Decider by Dick Francis

Decider by Dick Francis

Author:Dick Francis
Language: eng
Format: mobi, epub
Tags: Individual Architect, England, Mystery & Detective, Horse racing, Architects, General, Suspense, Architecture, Thrillers, Mystery fiction, Fiction
ISBN: 9780425222706
Publisher: Penguin
Published: 2008-05-15T19:10:28.293726+00:00


CHAPTER 10

The work went on.

Electric cables snaked everywhere and were gradually assimilated invisibly into the canvas. Lighting grew, looking as if it belonged there anyway. White silently whirling fans hung beneath roof vents, to get rid of smells and used air. Henry himself understood tent management and crowd comfort in a way that sweltering guests in sunbaked marquees had never imagined, and as I too put climate control near the top of all living priorities, the Stratton Park racegoers were going to breathe easily without knowing why.

The nineteenth-century chimney-born updraughts in houses had created a boom then in footstools, winged chairs and screens; twentieth-century wind tunnels meant gale-ridden city street corners.

Air pressure, air movement, air temperature; dust removal, mite reduction, dehumidification: all were not just a matter of soft self-indulgence indoors, but of positive no-allergy health and the deterrence of rot, rust, fungus and mildew. The Lazarus act on old buildings began, in my no doubt obsessional mind, with the provision of clean dry air, unobtrusively circulating.

We fed everyone from the Mayflower’s kitchen. My sons fetched and carried, acted as waiters, willingly collected rubbish and generally behaved as they never did normally unless bullied.

Roger and I consulted the racecourse’s water-main maps, and his men laid a branch pipe to the side-tents’ catering areas, with a twiglet off to the female jockeys’ changing room especially for Rebecca. Cold water, of course, but perhaps better than none. Persistent telephoning finally wrung out a promise of one Portaloo van and, from Ivan, Roger bravely cajoled a truckload of garden centre potplants.

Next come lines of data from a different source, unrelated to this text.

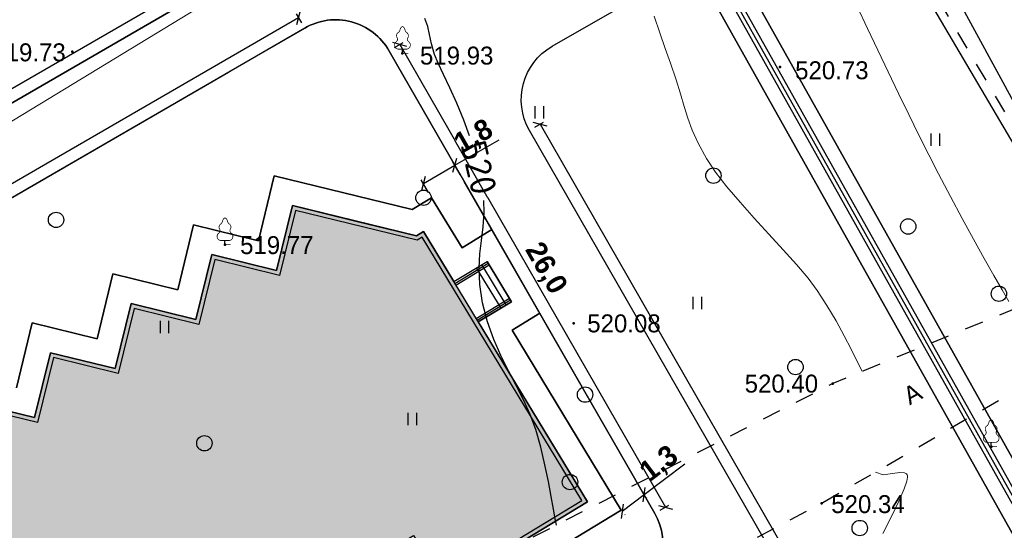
# Model space of a CAD drawing. Header units: millimetres. Extents: x 767170 to 66149698, y -983507 to 2493658.
# Tile 216 of 256: x 2836948 to 2884939, y -536334 to -511459. Entities that reach past the tile are written whole.
import ezdxf

# ---------------------------------------------------------------- set-up
doc = ezdxf.new("R2010")
doc.units = ezdxf.units.MM
doc.linetypes.add('Д_ТРОТ_ТРУБА', pattern=[3, 1.5, -1.5])
doc.linetypes.add('ДОРОГИ_СТРОЯЩ', pattern=[9, 8, -1])
for name, color, linetype in [('(004) Точки рельефа', 7, 'Continuous'), ('(022) Возд. Линии', 7, 'Continuous'), ('(025) Дорога', 7, 'Continuous'), ('(028) Гидротехн.', 7, 'Continuous'), ('(031) Горизонтали', 42, 'Continuous'), ('(036) Растительность', 7, 'Continuous'), ('(038) Деревья', 7, 'Continuous'), ('C-TOPO-MAJR', 9, 'Continuous'), ('GLUXOY OG', 7, 'Continuous'), ('YQ_DIM', 3, 'Continuous')]:
    doc.layers.add(name, color=color, linetype=linetype)
doc.layers.add('(032) Горизонтали утолщенные', color=32, linetype='Continuous', lineweight=30)
doc.styles.add('BLACK', font='tahomabd.ttf')
doc.styles.add('BM-431', font='txt')
doc.styles.add('D-431', font='txt')
doc.styles.add('FAYZXON', font='GOTHICB.TTF')
doc.styles.get("Standard").update_dxf_attribs({"font": 'isocpeui.ttf'})
doc.styles.add('СПДС', font='isocpeur.ttf')
doc.linetypes.add('ОГРАДА_ГЛИН', pattern='A,4,["|",Standard,S=0.8,R=0,X=0,Y=-0.8],0.5,["|",Standard,S=0.8,R=0,X=0,Y=-0.8],3.5', length=8)
doc.dimstyles.new('genplan dimension', dxfattribs={"dimtxt": 1100, "dimasz": 450, "dimexe": 450, "dimexo": 0, "dimgap": 80, "dimtad": 1, "dimlfac": 0.001, "dimtxsty": 'BLACK', "dimblk": 'OBLIQUE', "dimcen": 0, "dimclrd": 186, "dimclre": 186, "dimclrt": 186, "dimadec": 1, "dimazin": 0, "dimtfac": 1, "dimtmove": 0, "dimatfit": 3, "dimldrblk": 'OBLIQUE', "dimfxl": 1, "dimlwd": 9, "dimlwe": 9, "dimarcsym": 0})
doc.dimstyles.new('MAGENTA genplan dimension', dxfattribs={"dimtxt": 1000, "dimasz": 500, "dimexe": 200, "dimexo": 300, "dimgap": 100, "dimtad": 1, "dimdec": 1, "dimlfac": 0.001, "dimzin": 1, "dimtxsty": 'FAYZXON', "dimblk": 'OBLIQUE', "dimcen": 0, "dimclrd": 142, "dimclre": 142, "dimclrt": 6, "dimadec": 0, "dimazin": 0, "dimtfac": 1, "dimtdec": 1, "dimtmove": 0, "dimatfit": 3, "dimldrblk": 'OBLIQUE', "dimfxl": 1, "dimlwd": 30, "dimlwe": 30, "dimarcsym": 0})

# ---------------------------------------------------------------- blocks, each defined once
blk = doc.blocks.new('_Oblique')
at = {"color": 0, "linetype": 'ByBlock', "lineweight": -2}
blk.add_line((-0.5, -0.5), (0.5, 0.5), dxfattribs=at)
blk = doc.blocks.new('*D288')
at = {"color": 186, "lineweight": 9, "transparency": 16777216}
for p, q in [((2255842, -554331), (2330362, -509047)), ((2330350, -509027), (2330595, -509431)), ((2255830, -554312), (2256076, -554716))]:
    blk.add_line(p, q, dxfattribs=at)
for p, xscale, yscale, zscale, rotation in [((2330362, -509047), 450.0000000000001, 450.0000000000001, 450.0000000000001, 31.28656990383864), ((2255842, -554331), 450, 450, 450, 211.2865699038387)]:
    blk.add_blockref('_Oblique', p, dxfattribs=dict(at, xscale=xscale, yscale=yscale, zscale=zscale, rotation=rotation))
at = {"color": 186, "transparency": 16777216, "insert": (2292697, -531023), "char_height": 1100, "attachment_point": 5, "rotation": 31.2866, "style": 'BLACK'}
blk.add_mtext('87,2', dxfattribs=at)
blk = doc.blocks.new('d')
at = {"layer": '(038) Деревья'}
blk.add_ellipse((0, 0), major_axis=(0.265, 0.265), ratio=1, start_param=5.497787, end_param=11.780972, dxfattribs=at)
blk = doc.blocks.new('I04010')
for p, q in [((-0.412273, 0.007146), (-0.412273, 1.207146)), ((0.387727, 1.207146), (0.387727, 0.007146))]:
    blk.add_line(p, q)
blk = doc.blocks.new('karagach-flat-29-flat-1')
at = {"layer": '(038) Деревья', "const_width": 0.0375}
for points in [[(-0.208, 1.009, 0.430853), (-0.255, 0.753, 0.548276)], [(-0.208, 1.009, 0.181567), (-0.117, 1.159, 0.303004)], [(0, 1.312, 0.246034), (-0.117, 1.159, 0.489079)], [(0, 1.312, -0.246034), (0.117, 1.159, -0.489079)], [(0.208, 1.009, -0.181567), (0.117, 1.159, -0.303004)], [(0.208, 1.009, -0.430853), (0.255, 0.753, -0.548276)], [(-0.315, 0.559, 0.626949), (-0.218, 0.206, 0.702465)], [(-0.315, 0.559, 0.383603), (-0.255, 0.753, 0.352912)], [(0.315, 0.559, -0.626949), (0.218, 0.206, -0.702465)], [(0.315, 0.559, -0.383603), (0.255, 0.753, -0.352912)]]:
    blk.add_lwpolyline(points, format="xyb", dxfattribs=at)
for points in [[(0, 0.206), (-0.218, 0.206)], [(0, 0), (0, 0.206)], [(0, 0.206), (0.218, 0.206)], [(0, 0), (0.281, 0)]]:
    blk.add_lwpolyline(points, dxfattribs=at)
at = {"layer": '(038) Деревья'}
blk.add_lwpolyline([(0, 0), (0, 0.206)], dxfattribs=at)
blk = doc.blocks.new('karagach-flat-49')
at = {"layer": '(038) Деревья', "const_width": 0.0375}
for points in [[(-0.208, 1.009, 0.430853), (-0.255, 0.753, 0.548276)], [(-0.208, 1.009, 0.181567), (-0.117, 1.159, 0.303004)], [(0, 1.312, 0.246034), (-0.117, 1.159, 0.489079)], [(0, 1.312, -0.246034), (0.117, 1.159, -0.489079)], [(0.208, 1.009, -0.181567), (0.117, 1.159, -0.303004)], [(0.208, 1.009, -0.430853), (0.255, 0.753, -0.548276)], [(-0.315, 0.559, 0.626949), (-0.218, 0.206, 0.702465)], [(-0.315, 0.559, 0.383603), (-0.255, 0.753, 0.352912)], [(0.315, 0.559, -0.626949), (0.218, 0.206, -0.702465)], [(0.315, 0.559, -0.383603), (0.255, 0.753, -0.352912)]]:
    blk.add_lwpolyline(points, format="xyb", dxfattribs=at)
for points in [[(0, 0.206), (-0.218, 0.206)], [(0, 0), (0, 0.206)], [(0, 0.206), (0.218, 0.206)], [(0, 0), (0.281, 0)]]:
    blk.add_lwpolyline(points, dxfattribs=at)
at = {"layer": '(038) Деревья'}
blk.add_lwpolyline([(0, 0), (0, 0.206)], dxfattribs=at)
blk = doc.blocks.new('karagach-flat-30-flat-1-flat-1')
at = {"layer": '(038) Деревья', "const_width": 0.0375}
for points in [[(-0.208, 1.009, 0.430853), (-0.255, 0.753, 0.548276)], [(-0.208, 1.009, 0.181567), (-0.117, 1.159, 0.303004)], [(0, 1.312, 0.246034), (-0.117, 1.159, 0.489079)], [(0, 1.312, -0.246034), (0.117, 1.159, -0.489079)], [(0.208, 1.009, -0.181567), (0.117, 1.159, -0.303004)], [(0.208, 1.009, -0.430853), (0.255, 0.753, -0.548276)], [(-0.315, 0.559, 0.626949), (-0.218, 0.206, 0.702465)], [(-0.315, 0.559, 0.383603), (-0.255, 0.753, 0.352912)], [(0.315, 0.559, -0.626949), (0.218, 0.206, -0.702465)], [(0.315, 0.559, -0.383603), (0.255, 0.753, -0.352912)]]:
    blk.add_lwpolyline(points, format="xyb", dxfattribs=at)
for points in [[(0, 0.206), (-0.218, 0.206)], [(0, 0), (0, 0.206)], [(0, 0.206), (0.218, 0.206)], [(0, 0), (0.281, 0)]]:
    blk.add_lwpolyline(points, dxfattribs=at)
at = {"layer": '(038) Деревья'}
blk.add_lwpolyline([(0, 0), (0, 0.206)], dxfattribs=at)
blk = doc.blocks.new('A$C05d28b1e')
at = {"layer": '(004) Точки рельефа', "color": 7, "linetype": 'ByBlock', "lineweight": -2}
for p in [(-93236, 84555), (-77143, 84466), (-58737, 83797), (-85793, 75142), (-68804, 71309), (-56171, 68379), (-48449, 65309), (-56719, 62542)]:
    blk.add_point(p, dxfattribs=at)
at = {"layer": '(028) Гидротехн.', "color": 3, "linetype": 'Д_ТРОТ_ТРУБА', "ltscale": 600, "flags": 128}
blk.add_lwpolyline([(-43219, 73859), (-53987, 92138), (-59698, 102562), (-62935, 108940)], dxfattribs=at)
at = {"layer": '(028) Гидротехн.', "ltscale": 600}
for points in [[(-62483, 109113), (-60678, 106122), (-55448, 95902), (-50158, 87260), (-44310, 76497), (-42918, 74170)], [(-43534, 73566), (-54302, 91845), (-60013, 102269), (-63249, 108647)]]:
    blk.add_lwpolyline(points, dxfattribs=at)
at = {"layer": '(031) Горизонтали', "color": 42, "linetype": 'Continuous', "lineweight": 0, "ltscale": 600}
for points in [[(-47586, 72384), (-47909, 72942), (-48313, 73648), (-48783, 74478), (-49303, 75412), (-49858, 76425), (-50434, 77495), (-51015, 78600), (-51486, 79518), (-51969, 80481), (-52461, 81482), (-52962, 82511), (-53467, 83560), (-53974, 84620), (-54481, 85684), (-54985, 86742)], [(-54739, 68967), (-54825, 69139), (-55008, 69518), (-55276, 70057), (-55615, 70711), (-56012, 71436), (-56453, 72186), (-56926, 72915), (-57373, 73507), (-57936, 74174), (-58583, 74896), (-59280, 75656), (-59993, 76434), (-60687, 77211), (-61330, 77968), (-61887, 78686), (-62325, 79346), (-62729, 80085), (-63022, 80725), (-63241, 81310), (-63420, 81884), (-63597, 82493), (-63807, 83180), (-64086, 83991), (-64341, 84707), (-64604, 85473), (-64878, 86286)], [(-53728, 61072), (-53300, 61905), (-52946, 62645), (-52689, 63255), (-52567, 63624), (-52530, 63820), (-52535, 63908), (-52546, 63938), (-52580, 63982), (-52681, 64035), (-52894, 64045), (-53251, 63991), (-53720, 63938), (-54095, 64068)]]:
    blk.add_lwpolyline(points, dxfattribs=at)
at = {"layer": '(032) Горизонтали утолщенные', "color": 32, "linetype": 'Continuous', "lineweight": 30, "ltscale": 600}
blk.add_lwpolyline([(-69640, 61482), (-69706, 61786), (-69789, 62264), (-69895, 62885), (-70029, 63616), (-70196, 64424), (-70401, 65278), (-70650, 66144), (-70921, 66880), (-71246, 67590), (-71605, 68292), (-71980, 69004), (-72350, 69745), (-72696, 70530), (-72999, 71379), (-73239, 72310), (-73377, 73212), (-73408, 73994), (-73367, 74694), (-73290, 75355), (-73210, 76017), (-73164, 76720), (-73179, 77297)], dxfattribs=at)
at = {"layer": '(022) Возд. Линии', "xscale": 1000, "yscale": 1000, "zscale": 1000}
for name, p in [('karagach-flat-29-flat-1', (-77143, 84466)), ('karagach-flat-30-flat-1-flat-1', (-85793, 75142)), ('karagach-flat-49', (-48449, 65309))]:
    blk.add_blockref(name, p, dxfattribs=at)
at = {"layer": '(036) Растительность', "linetype": 'Continuous', "xscale": 500, "yscale": 500, "zscale": 500}
for p in [(-70461, 81292), (-51169, 79956), (-62767, 72005), (-88734, 70831), (-76659, 66347)]:
    blk.add_blockref('I04010', p, dxfattribs=at)
at = {"layer": '(038) Деревья', "linetype": 'Continuous', "xscale": 1000, "yscale": 1000, "zscale": 1000}
for p in [(-61986, 78509), (-76118, 77431), (-94026, 76354), (-52493, 76030), (-48072, 72756), (-57985, 69183), (-68243, 67840), (-86798, 65470), (-68978, 63581), (-54855, 61341)]:
    blk.add_blockref('d', p, dxfattribs=at)
at = {"layer": '(004) Точки рельефа', "linetype": 'ByBlock', "char_height": 875, "attachment_point": 4, "style": 'D-431'}
for s, insert in [('519.73', (-97134, 84510)), ('519.93', (-76290, 84352)), ('520.73', (-58003, 83636)), ('519.77', (-85057, 75118)), ('520.08', (-68137, 71305)), ('520.40', (-60463, 68371)), ('520.34', (-56244, 62499))]:
    blk.add_mtext(s, dxfattribs=dict(at, insert=insert))
at = {"layer": '(025) Дорога', "linetype": 'ДОРОГИ_СТРОЯЩ', "style": 'BM-431'}
blk.add_text('A', height=875, rotation=28.5396, dxfattribs=at).set_placement((-52418, 67313))
at = {"layer": 'C-TOPO-MAJR', "color": 32, "linetype": 'Continuous', "lineweight": 30, "insert": (-73420, 78900), "char_height": 1250, "width": 2398.75, "attachment_point": 5, "rotation": 283.0734, "style": 'СПДС', "bg_fill": 3, "box_fill_scale": 1.254, "bg_fill_color": 256, "bg_fill_true_color": 13158600, "bg_fill_transparency": 0}
blk.add_mtext('520', dxfattribs=at)
at = {"layer": '(025) Дорога', "linetype": 'Д_ТРОТ_ТРУБА', "ltscale": 600, "flags": 128}
blk.add_lwpolyline([(27459, 120222), (8937, 104733), (7549, 103433), (-2273, 96670), (-15702, 86137), (-17767, 85381), (-18644, 85674), (-40043, 104576), (-45955, 113584), (-51231, 109005), (-44895, 102103), (-42025, 99008), (-25117, 82841), (-25117, 81951), (-25407, 81084), (-32229, 76172), (-32639, 76060), (-33388, 76495), (-37188, 78427), (-42918, 74170), (-43534, 73566), (-56171, 68379), (-72915, 59805), (-96929, 47597), (-121278, 30068), (-138829, 14906), (-139804, 14024), (-138021, 12053), (-129914, 19516), (-105640, 36924), (-88825, 45949), (-78921, 50853), (-56719, 62542), (-42094, 71045), (-39916, 71829), (-37271, 72176), (-35503, 71928), (-34406, 71614), (-29497, 64248), (-29370, 62878), (-30300, 61153), (-32643, 58416), (-31513, 56567), (-31513, 56567), (-31513, 56567)], dxfattribs=at)
at = {"layer": '(032) Горизонтали утолщенные', "color": 32, "linetype": 'Continuous', "lineweight": 30, "ltscale": 600}
blk.add_lwpolyline([(-73871, 80454), (-74152, 81212), (-74498, 82038), (-74838, 82785), (-75147, 83440), (-75402, 83986), (-75580, 84409), (-75733, 84932), (-75818, 85380), (-75903, 85780), (-76056, 86165)], dxfattribs=at)
blk = doc.blocks.new('*D1616')
at = {"layer": 'YQ_DIM', "color": 142, "lineweight": 30, "transparency": 16777216}
for p, q in [((2862053, -516701), (2862487, -516452)), ((2862313, -516552), (2900115, -582350)), ((2899855, -582500), (2900289, -582250))]:
    blk.add_line(p, q, dxfattribs=at)
at = {"layer": 'YQ_DIM', "color": 142, "lineweight": 30, "transparency": 16777216, "xscale": 500, "yscale": 500, "zscale": 500}
for p, rotation in [((2862313, -516552), 119.8780372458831), ((2900115, -582350), 299.878037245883)]:
    blk.add_blockref('_Oblique', p, dxfattribs=dict(at, rotation=rotation))
at = {"layer": 'YQ_DIM', "color": 6, "transparency": 16777216, "insert": (2881817, -549105), "char_height": 1000, "attachment_point": 5, "rotation": 299.878, "style": 'FAYZXON'}
blk.add_mtext('75,9', dxfattribs=at)
blk = doc.blocks.new('*D1617')
at = {"layer": 'YQ_DIM', "color": 142, "lineweight": 30, "transparency": 16777216}
for p, q in [((2848691, -508143), (2848441, -507710)), ((2761450, -558277), (2848541, -507883)), ((2761600, -558536), (2761349, -558104))]:
    blk.add_line(p, q, dxfattribs=at)
at = {"layer": 'YQ_DIM', "color": 142, "lineweight": 30, "transparency": 16777216, "xscale": 500, "yscale": 500, "zscale": 500}
for p, rotation in [((2848541, -507883), 30.05482104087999), ((2761450, -558277), 210.05482104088)]:
    blk.add_blockref('_Oblique', p, dxfattribs=dict(at, rotation=rotation))
at = {"layer": 'YQ_DIM', "color": 6, "transparency": 16777216, "insert": (2804647, -532478), "char_height": 1000, "attachment_point": 5, "rotation": 30.0548, "style": 'FAYZXON'}
blk.add_mtext('100,6', dxfattribs=at)
blk = doc.blocks.new('*D1598')
at = {"layer": 'YQ_DIM', "color": 142, "lineweight": 30, "transparency": 16777216}
for p, q in [((2855209, -512818), (2855642, -512569)), ((2855469, -512668), (2868420, -535212)), ((2868160, -535361), (2868594, -535112))]:
    blk.add_line(p, q, dxfattribs=at)
at = {"layer": 'YQ_DIM', "color": 142, "lineweight": 30, "transparency": 16777216, "xscale": 500, "yscale": 500, "zscale": 500}
for p, rotation in [((2855469, -512668), 119.878037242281), ((2868420, -535212), 299.8780372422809)]:
    blk.add_blockref('_Oblique', p, dxfattribs=dict(at, rotation=rotation))
at = {"layer": 'YQ_DIM', "color": 6, "transparency": 16777216, "insert": (2862547, -523594), "char_height": 1000, "attachment_point": 5, "rotation": 299.878, "style": 'FAYZXON'}
blk.add_mtext('26,0', dxfattribs=at)
blk = doc.blocks.new('*D1600')
at = {"layer": 'YQ_DIM', "color": 142, "lineweight": 30, "transparency": 16777216}
for p, q in [((2819640, -529228), (2850544, -511346)), ((2850695, -511605), (2850444, -511173)), ((2819790, -529487), (2819540, -529054))]:
    blk.add_line(p, q, dxfattribs=at)
at = {"layer": 'YQ_DIM', "color": 142, "lineweight": 30, "transparency": 16777216, "xscale": 500, "yscale": 500, "zscale": 500}
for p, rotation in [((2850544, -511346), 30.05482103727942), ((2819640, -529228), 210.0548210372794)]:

‘He says it’s one of the top selling days in his year,’ Roger commented, putting down the receiver. ‘He says the racecourse must pay for what he sends.’

‘Charming.’

We discussed a few more arrangements before Roger bustled away, leaving me in the office. I’d begun in the past hour to find walking easier but on the other hand I felt weary across the shoulders and glad of a chance to perch a rump on the desk, avoiding the worst winces but resting arms and legs. I thought of the admonition card back home in my workshop, given me in happier times by Amanda, which read, ‘If everything is going well you have obviously overlooked something’, and idly wondered what hadn’t occurred to Roger and Henry and me that could become a hopeless disaster on the morrow.

The door opened abruptly to reveal Forsyth Stratton striding over the threshold. None of the Strattons seemed capable of entering a room slowly.

‘What are you doing in here?’ he demanded.

‘Thinking,’ I said. Thinking in fact that I was not pleased to see him, particularly if he had similar ideas to Hannah and Keith. It appeared, however, and somewhat to my relief, that his attack would be verbal, not physical.

He said with rage, ‘You’ve no right to take charge here.’

‘The Colonel’s in charge,’ I replied mildly.

‘The Colonel consults you before he does anything.’ His dark eyes glittered in the same way as Rebecca’s, and I wondered fleetingly whether either or both of them wore contact lenses.